Enthalten seien unter anderem auch zehn Überweisungen oder Barauszahlungen in der Filiale, betonte die Sprecherin. "Andere Anbieter nehmen teilweise geringere Grundgebühren, lassen sich dafür aber Leistungen wie Überweisungen, das Ausgeben einer Girocard oder den Druck von Kontoauszügen extra bezahlen."

Angebote müssen sich am Nutzerverhalten orientieren

Dies ist laut "SZ" bei der Postbank, der Volksbank Karlsruhe und der BBBank der Fall - und, zusätzlich zur hohen Grundgebühr, auch bei der Deutschen Bank. Überweisungen auf dem Papierweg kosten dort extra. Bei fünf solcher Überweisungen im Monat müsse der Kunde insgesamt 16 Euro zahlen, kritisieren die Verbraucherschützer dem Bericht zufolge.

Laut "Wirtschaftswoche" hat die Volksbank Karlsruhe bereits reagiert, das monatliche Entgelt für ihr Basiskonto gesenkt und an die Konto-Variante "Komfort-Konto" angepasst. Das bedeute, dass das Basiskonto jetzt 5,90 Euro statt bisher 7,90 Euro kostet.

Bei der Sparkasse Holstein bemängelte der vzbv laut "SZ", dass es kein Basiskonto für Kunden gibt, die ihre Bankgeschäfte online erledigen. Dies verstoße gegen die gesetzliche Vorgabe, dass sich die Angebote am Nutzerverhalten orientieren müssen, erklärten die Verbraucherschützer demnach.

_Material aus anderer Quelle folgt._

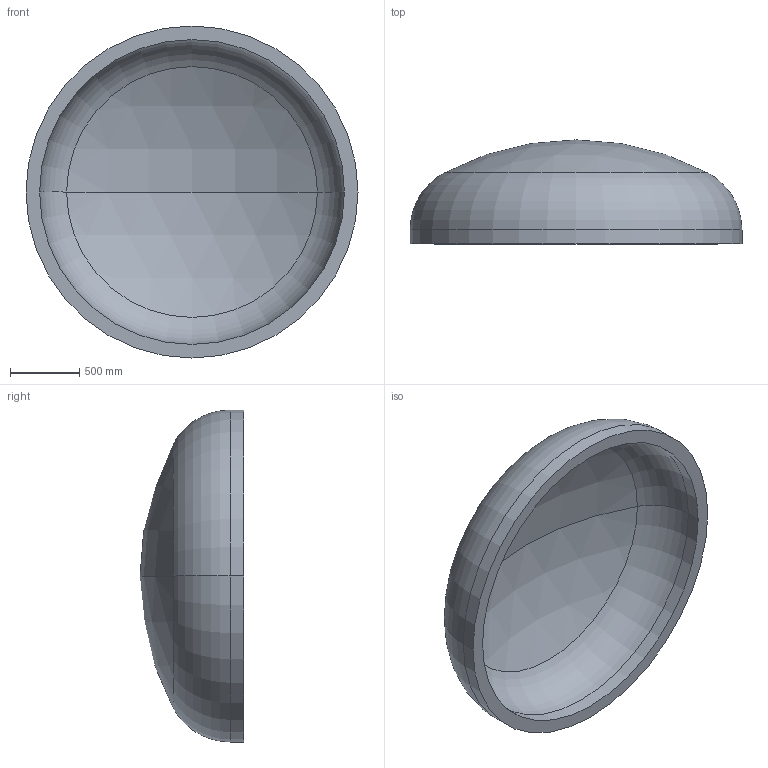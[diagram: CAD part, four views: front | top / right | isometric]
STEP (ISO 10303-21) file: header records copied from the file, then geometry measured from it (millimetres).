
FILE_DESCRIPTION (( 'STEP AP203' ), '1' );
FILE_NAME ('DIN 28013 Korbbogenform_-_Boden DIN 28013 - 2400 x 100 - I - s=98.step', '2016-07-01T15:41:34', ( '' ), ( '' ), 'SwSTEP 2.0', 'SolidWorks 2013', '' );
FILE_SCHEMA (( 'CONFIG_CONTROL_DESIGN' ));
Length unit declared in the file: millimetre
Products named in the file (1): DIN 28013 Korbbogenform_-_Boden DIN 28013 - 2400 x 100 - I - s=98
Bounding box: 2400 x 751.74 x 2400 mm (x, y, z)
Volume: 653402273.1 mm3; surface area: 14063581.6 mm2
Topology: 1 solids, 1 shells, 13 faces, 24 edges, 14 vertices
Faces by surface type: torus 4, cylinder 4, sphere 4, plane 1
Entity records: 407 total; most frequent: DIRECTION 72, CARTESIAN_POINT 52, ORIENTED_EDGE 48, AXIS2_PLACEMENT_3D 34, EDGE_CURVE 24, CIRCLE 20, EDGE_LOOP 14, VERTEX_POINT 14

"Tendenziell mehr Beratung"

"Basiskonten sollten vor allem Verbrauchern, die wenig Geld haben, den Zugang zu bargeldlosem Zahlungsverkehr ermöglichen", sagte vzbv-Finanzexpertin Christina Buchmüller dem Blatt. "Dieser Zweck wird unterlaufen, wenn Verbraucher gerade für Basiskonten mehr zahlen müssen als andere Kunden für vergleichbare Konten."

Buchmüller sieht einen Grund darin, dass Basiskonten-Kunden "tendenziell mehr Fragen haben und mehr Beratung brauchen als andere". Bei Flüchtlingen könnten Probleme bei der Verständigung hinzukommen. Die Banken verdienten mit diesen Kunden in der Regel kein Geld, etwa weil diese wegen des hohen Ausfallrisikos meist keinen Kredit erhalten.

"Absurd" hohe Gebühren

Die Verbraucherschützer forderten die sechs abgemahnten Banken auf, eine strafbewehrte Unterlassungserklärung abzugeben. Wenn die Geldinstitute dies nicht tun, wird der vzbv sie möglicherweise verklagen.

Die FMH-Finanzberatung in Frankfurt hatte bereits Ende Juni die Basiskonten von 105 Banken untersucht und "teils absurd" hohe Gebühren festgestellt. Zahlreiche Institute verlangten 9,50 Euro pro Monat, eines wollte sogar 9,90 Euro.